I’m using DDP(one process per GPU) to training a 3D UNet. I transfered all batchnorm layer inside network to syncbatchnorm with nn.SyncBatchNorm.convert_sync_batchnorm.
When doing validation at the end of every training epoch on rank 0, it always freeze at same validation steps. I think it is because of the syncbatchnorm layer. What is the correct way to do validation when DDP model has syncbatchnorm layer? Should I do validation on all ranks?
Code
for epoch in range(epochs):
model.train()
train_loader.sampler.set_epoch(epoch)
for step, (data, target) in enumerate(train_loader):
# ...training codes
train(model)
if dist.get_rank() == 0:
# ...validation codes
model.eval()
validate(model)
dist.barrier()
Could you update to the latest stable release or the nightly binary and check, if you are still facing the error? 1.1.0 is quite old by now and this issue might have been already fixed.
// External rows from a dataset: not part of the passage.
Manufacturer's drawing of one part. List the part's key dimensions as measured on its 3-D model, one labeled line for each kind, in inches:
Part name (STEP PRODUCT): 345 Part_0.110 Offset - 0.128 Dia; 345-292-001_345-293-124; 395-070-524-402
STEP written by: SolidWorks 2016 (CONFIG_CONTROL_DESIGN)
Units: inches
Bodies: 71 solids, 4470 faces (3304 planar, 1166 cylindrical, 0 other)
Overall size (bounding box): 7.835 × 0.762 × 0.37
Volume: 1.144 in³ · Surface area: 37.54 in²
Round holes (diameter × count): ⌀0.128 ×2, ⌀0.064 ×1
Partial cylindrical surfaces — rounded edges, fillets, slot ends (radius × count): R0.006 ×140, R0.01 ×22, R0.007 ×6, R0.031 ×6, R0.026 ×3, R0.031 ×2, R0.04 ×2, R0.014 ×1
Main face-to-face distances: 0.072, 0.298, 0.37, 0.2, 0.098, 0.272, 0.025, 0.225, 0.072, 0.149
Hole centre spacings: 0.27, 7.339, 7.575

Yes, you probably need to do validation on all ranks since SyncBatchNorm has collectives which are expected to run on all ranks. The validation is probably getting stuck since SyncBatchNorm on rank 0 is waiting for collectives from other ranks.
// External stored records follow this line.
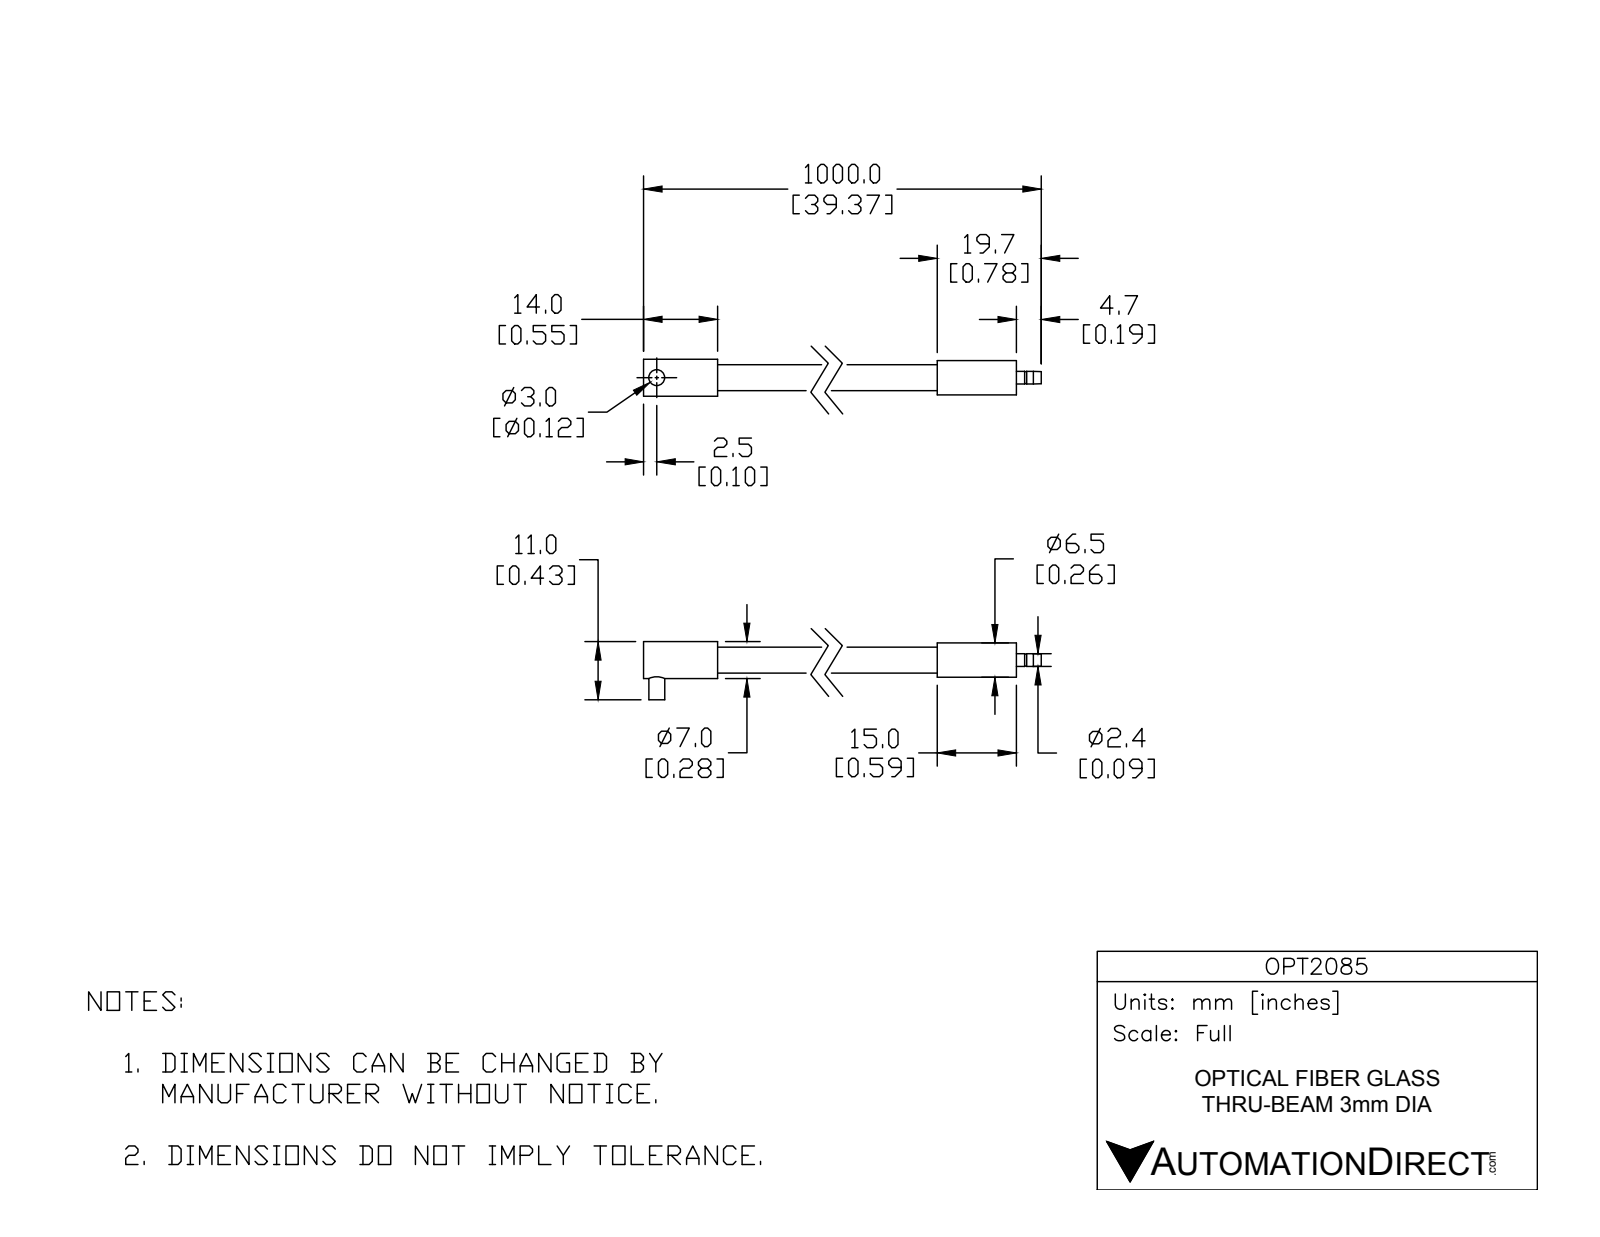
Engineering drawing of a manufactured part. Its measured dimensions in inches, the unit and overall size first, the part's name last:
Units: inches
Overall size (bounding box): 39.37 × 0.433 × 0.276
Round bosses / shafts (diameter × count): ⌀0.276 ×1, ⌀0.256 ×1, ⌀0.193 ×1, ⌀0.118 ×1, ⌀0.094 ×1
Main face-to-face distances: 39.185, 0.551, 38.634, 38.594, 38.043, 0.591, 39.37, 38.819, 0.776, 0.185
Volume: 1.178 in³ · Surface area: 24.29 in²
Bodies: 1 solid, 24 faces (6 planar, 12 cylindrical, 6 other)
Part name (STEP PRODUCT): OPT2085
STEP written by: SolidWorks 2014 (AUTOMOTIVE_DESIGN)

Another option is to convert the SyncBatchNorm layer to a regular BatchNorm layer and then do the validation on a single rank.
Thanks I will try it.
Actually I have another question about v1.1.0 DDP.
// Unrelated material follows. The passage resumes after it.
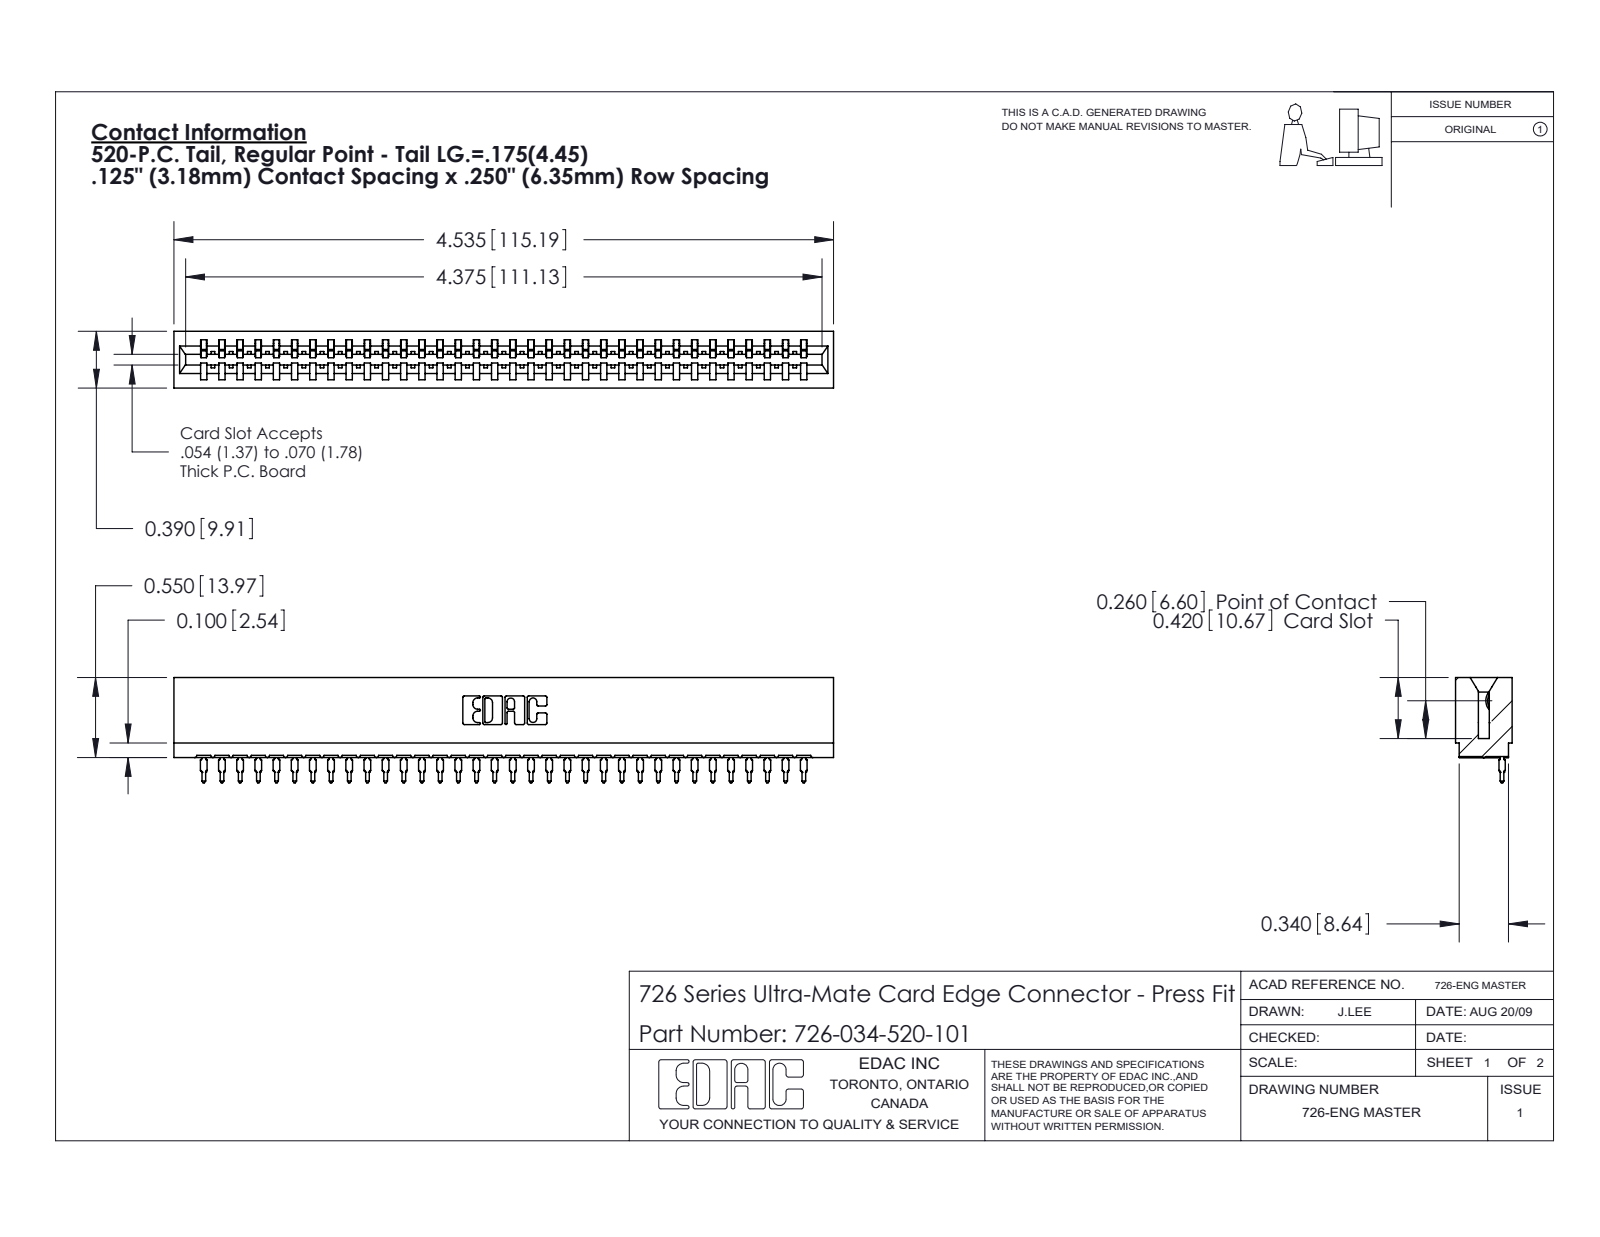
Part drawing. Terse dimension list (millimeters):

I tried to inference the model with syncbatchnorm layer ( Actually, it becomes batchnorm layer after load from checkpoint ). The results turned to be different between:
Only turn on evaluate mode.
model.eval()
# inference...
Manually set track_running_stats of each BN layer to False after model.eval().
model.eval()
set_BN_track_running_stats(model, False)
# do inference..
It is strange that the second one is much better than first one on early epochs. Is this also a version problem?
P.S. However, after more epochs training, results of two inference method are similiar but still has small differences.
Below is sample code of set_BN_track_running_stats():
def set_BN_track_running_stats(module, ifTrack=True):
if isinstance(module, torch.nn.modules.batchnorm._BatchNorm):
module.track_running_stats = ifTrack
for child in module.children():
set_BN_track_running_stats(module = child, ifTrack=ifTrack)
Are you referring to PyTorch v1.1.0 here? If so, I’d suggest upgrading to PyTorch 1.7 which is the latest version to see if this problem still persists.